To successfully monetize their infrastructure investments and make 5G-based capabilities a reality, telecom operators need to explore both enterprise and consumer markets. Digital twins have become a common practice for this and for monetizing 5G in the form of keeping customers and subscribers as happy as possible—the discipline of customer management (also known as customer value management and customer experience management).
But even the digital twin technology itself is starting to evolve, and now, out of necessity, a new generation of digital twins is emerging in the form of what we call active digital twins.
First—let’s look at how the digital twin technology became useful for customer management.
5G and the new age of customer management
According to Deloitte’s 2021 benchmark telecommunications industry outlook, telecommunications, media, and entertainment companies need to focus on what their customers want and when they want it. This focus on ensuring telco operator customers have the best experience possible and thus become high-value customers is broadly called customer management.
Now, collecting information about customers to understand their behavioral patterns is not something new; it’s been done for quite a few years now, either in the form of data warehouses or, more recently, big data platforms.
However, these approaches are starting to fail in the face of 5G-enabled, single-digit millisecond latency, where being able to process data rapidly and act on it even faster are key to managing customer experience in real time.
Enter the need for digital twins.
What are digital twins?
Digital twins are digital representations of processes, products, and services. An organization can use digital twins to collect and store data about the physical counterparts in an intelligible form so that it (the organization) can apply machine learning algorithms to determine what that data is telling them.
Why do telco-space enterprises need digital twins?
Because their customers are no longer just human subscribers—they are also now connected things, such as devices, that are using the network the same way a human would, but at a much more rapid pace heading towards automation.
Every subscriber—or thing—has a digital twin that represents their activities and preferences in the context of the service(s) they subscribe to. This helps the operators and enterprises provide the most valuable services and offers when they are most needed at a quality and service level required for success, however that success is measured.
However, the traditional method of storing all data and querying it when necessary is quickly becoming insufficient. Be it in industrial process automation or the individual subscriber universe, every action demands a corresponding reaction. This requires what we call active digital twins.

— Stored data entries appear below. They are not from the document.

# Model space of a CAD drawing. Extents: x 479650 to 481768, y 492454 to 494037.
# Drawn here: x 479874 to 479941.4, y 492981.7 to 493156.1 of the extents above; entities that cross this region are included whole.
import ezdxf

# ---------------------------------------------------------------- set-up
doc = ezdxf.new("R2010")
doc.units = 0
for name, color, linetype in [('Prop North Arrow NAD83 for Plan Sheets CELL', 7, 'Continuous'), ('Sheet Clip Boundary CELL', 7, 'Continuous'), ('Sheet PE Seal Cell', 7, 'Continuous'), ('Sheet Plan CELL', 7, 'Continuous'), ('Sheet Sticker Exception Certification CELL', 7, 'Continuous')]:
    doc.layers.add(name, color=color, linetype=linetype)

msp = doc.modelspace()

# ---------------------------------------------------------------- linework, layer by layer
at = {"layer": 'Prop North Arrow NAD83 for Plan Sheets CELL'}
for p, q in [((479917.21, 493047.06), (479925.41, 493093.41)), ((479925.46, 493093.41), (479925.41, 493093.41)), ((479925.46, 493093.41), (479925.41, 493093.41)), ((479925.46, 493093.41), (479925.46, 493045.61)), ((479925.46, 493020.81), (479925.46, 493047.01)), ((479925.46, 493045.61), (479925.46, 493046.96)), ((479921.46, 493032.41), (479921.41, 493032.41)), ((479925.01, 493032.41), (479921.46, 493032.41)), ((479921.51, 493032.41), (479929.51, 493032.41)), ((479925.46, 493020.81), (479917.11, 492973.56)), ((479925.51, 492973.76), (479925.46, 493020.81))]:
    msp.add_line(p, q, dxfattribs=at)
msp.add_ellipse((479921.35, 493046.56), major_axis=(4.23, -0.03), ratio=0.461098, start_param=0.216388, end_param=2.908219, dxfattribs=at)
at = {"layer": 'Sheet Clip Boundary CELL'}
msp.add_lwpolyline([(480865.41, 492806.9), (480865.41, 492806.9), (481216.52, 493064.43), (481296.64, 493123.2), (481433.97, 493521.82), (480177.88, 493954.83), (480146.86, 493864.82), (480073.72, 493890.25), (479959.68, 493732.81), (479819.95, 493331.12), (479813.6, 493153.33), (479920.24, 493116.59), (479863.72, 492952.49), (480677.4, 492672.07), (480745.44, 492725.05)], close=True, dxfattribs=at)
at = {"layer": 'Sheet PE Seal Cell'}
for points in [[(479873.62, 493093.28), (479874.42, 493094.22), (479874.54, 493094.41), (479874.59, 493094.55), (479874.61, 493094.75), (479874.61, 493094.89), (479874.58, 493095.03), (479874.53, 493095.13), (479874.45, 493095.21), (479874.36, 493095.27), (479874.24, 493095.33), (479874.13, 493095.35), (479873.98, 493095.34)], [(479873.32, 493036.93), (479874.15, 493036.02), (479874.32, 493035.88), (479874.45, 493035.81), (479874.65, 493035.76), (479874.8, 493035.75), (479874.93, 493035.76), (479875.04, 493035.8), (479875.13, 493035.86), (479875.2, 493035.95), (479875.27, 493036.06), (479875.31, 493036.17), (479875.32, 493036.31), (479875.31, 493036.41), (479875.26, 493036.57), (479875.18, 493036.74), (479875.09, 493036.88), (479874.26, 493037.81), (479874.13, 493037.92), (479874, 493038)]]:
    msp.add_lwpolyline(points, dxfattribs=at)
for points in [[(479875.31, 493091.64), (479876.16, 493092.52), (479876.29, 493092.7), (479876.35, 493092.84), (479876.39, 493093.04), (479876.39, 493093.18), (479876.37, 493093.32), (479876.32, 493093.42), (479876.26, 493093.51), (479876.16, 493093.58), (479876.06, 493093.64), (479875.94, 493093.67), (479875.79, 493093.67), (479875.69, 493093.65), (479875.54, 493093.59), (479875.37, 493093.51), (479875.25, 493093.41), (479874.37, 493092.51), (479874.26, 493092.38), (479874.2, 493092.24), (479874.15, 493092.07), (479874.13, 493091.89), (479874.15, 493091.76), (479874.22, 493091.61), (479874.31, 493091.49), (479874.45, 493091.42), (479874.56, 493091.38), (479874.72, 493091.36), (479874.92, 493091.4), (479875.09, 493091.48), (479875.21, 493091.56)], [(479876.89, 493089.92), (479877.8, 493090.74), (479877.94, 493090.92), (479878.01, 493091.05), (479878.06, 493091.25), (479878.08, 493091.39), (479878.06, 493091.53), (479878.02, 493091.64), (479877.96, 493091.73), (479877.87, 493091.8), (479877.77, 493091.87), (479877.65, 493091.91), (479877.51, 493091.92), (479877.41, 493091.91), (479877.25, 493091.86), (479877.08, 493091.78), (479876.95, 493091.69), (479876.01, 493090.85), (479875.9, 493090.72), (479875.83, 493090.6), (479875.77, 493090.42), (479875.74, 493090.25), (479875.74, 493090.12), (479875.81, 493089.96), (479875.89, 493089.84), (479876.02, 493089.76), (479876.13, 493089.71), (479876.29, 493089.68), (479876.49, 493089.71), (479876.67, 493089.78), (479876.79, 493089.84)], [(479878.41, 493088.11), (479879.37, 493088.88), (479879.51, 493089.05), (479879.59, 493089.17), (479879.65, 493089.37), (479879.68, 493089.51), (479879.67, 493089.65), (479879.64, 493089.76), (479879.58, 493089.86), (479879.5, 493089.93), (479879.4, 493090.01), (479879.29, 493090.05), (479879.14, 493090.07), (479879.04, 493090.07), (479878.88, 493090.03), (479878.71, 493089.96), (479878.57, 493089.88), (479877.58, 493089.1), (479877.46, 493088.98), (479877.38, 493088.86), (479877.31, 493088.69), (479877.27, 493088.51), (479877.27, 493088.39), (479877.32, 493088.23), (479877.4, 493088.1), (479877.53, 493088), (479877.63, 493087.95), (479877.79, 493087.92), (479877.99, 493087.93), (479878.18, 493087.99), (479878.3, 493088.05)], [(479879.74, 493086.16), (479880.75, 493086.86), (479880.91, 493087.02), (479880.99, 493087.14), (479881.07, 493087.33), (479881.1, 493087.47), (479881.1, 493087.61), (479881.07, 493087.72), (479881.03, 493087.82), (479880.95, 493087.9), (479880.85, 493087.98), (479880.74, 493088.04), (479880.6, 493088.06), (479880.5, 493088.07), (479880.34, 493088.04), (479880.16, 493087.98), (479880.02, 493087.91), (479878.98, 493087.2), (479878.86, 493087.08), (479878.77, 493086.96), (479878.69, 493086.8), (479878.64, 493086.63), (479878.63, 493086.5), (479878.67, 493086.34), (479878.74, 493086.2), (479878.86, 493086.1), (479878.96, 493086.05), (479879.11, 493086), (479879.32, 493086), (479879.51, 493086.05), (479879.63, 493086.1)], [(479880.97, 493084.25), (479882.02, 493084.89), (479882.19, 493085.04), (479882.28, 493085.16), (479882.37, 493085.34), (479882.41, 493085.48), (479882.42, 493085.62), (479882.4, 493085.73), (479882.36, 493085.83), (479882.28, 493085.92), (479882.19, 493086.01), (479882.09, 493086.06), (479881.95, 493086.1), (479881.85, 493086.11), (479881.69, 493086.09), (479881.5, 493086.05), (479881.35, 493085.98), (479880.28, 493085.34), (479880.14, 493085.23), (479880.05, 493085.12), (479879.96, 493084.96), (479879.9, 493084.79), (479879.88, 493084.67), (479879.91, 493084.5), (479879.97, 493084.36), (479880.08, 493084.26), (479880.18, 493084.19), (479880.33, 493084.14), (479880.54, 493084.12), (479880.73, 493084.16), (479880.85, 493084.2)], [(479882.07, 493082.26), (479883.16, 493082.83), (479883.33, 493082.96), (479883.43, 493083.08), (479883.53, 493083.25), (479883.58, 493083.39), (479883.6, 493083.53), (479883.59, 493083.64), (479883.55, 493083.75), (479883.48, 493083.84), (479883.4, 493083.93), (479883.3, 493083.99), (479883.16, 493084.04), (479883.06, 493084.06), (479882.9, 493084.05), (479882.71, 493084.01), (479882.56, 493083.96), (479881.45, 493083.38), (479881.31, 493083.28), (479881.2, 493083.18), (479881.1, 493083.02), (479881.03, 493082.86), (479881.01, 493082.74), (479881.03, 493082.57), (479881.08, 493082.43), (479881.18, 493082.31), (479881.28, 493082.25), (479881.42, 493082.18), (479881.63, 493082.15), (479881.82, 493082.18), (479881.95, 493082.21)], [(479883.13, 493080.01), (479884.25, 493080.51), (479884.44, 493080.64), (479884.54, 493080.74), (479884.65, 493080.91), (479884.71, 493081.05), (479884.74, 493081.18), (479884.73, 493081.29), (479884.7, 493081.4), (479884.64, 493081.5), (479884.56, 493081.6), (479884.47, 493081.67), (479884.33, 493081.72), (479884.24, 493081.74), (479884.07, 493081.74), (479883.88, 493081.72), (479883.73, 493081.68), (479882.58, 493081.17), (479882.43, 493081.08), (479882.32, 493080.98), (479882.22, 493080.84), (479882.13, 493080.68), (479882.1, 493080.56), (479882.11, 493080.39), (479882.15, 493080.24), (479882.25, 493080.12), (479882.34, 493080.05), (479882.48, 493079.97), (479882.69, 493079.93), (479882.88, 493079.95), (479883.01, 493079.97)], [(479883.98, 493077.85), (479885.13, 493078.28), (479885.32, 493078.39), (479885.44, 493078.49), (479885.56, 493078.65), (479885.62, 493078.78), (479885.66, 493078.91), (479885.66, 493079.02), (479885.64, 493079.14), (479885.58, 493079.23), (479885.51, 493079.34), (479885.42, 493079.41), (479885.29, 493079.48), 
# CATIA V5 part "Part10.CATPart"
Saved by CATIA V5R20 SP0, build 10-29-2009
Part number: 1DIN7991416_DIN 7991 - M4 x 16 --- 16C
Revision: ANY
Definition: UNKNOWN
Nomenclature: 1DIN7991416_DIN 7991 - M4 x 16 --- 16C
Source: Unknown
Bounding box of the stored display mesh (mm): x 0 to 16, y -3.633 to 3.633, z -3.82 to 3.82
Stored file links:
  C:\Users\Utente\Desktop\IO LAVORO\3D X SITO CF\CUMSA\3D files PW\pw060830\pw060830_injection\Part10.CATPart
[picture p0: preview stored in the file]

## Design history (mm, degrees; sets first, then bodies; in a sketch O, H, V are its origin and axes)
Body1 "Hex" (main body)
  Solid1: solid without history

What are active digital twins?
Acting intelligently on events in real time requires applying machine learning insights to event streams to make the most impactful decision possible and consequently drive the most appropriate actions.
Unlike regular digital twins, active digital twins don’t just collect data for some possible future analytical use but instead treat streams of data as streams of events. By analyzing these events in the context of past events, an enterprise or operator can determine the most opportune moment to engage a customer or ensure the quality of service.
The advantages of active digital twins
Digital twins as they are today have many advantages:
- They create a staging area for data thinning.
- They provide a repository for physical assets’ state information.
- They provide a data set for machine learning algorithms to convert into information and then into insights.
By allowing digital twins to actively participate in the business processes, the insights and learnings that the traditional aspects of digital twins provide can then be put to use for decision and process automation.
This brings several additional benefits, including:
- The elimination of human errors in decisions.
- Faster actions and quicker decisions.
- Dynamic incorporation of evolving decision criteria from new feature extractions and feature thresholds.
This “activation” of the digital twins ultimately allows for better monetization while optimizing resource utilization, which results in better top-line revenues and better bottom-line income.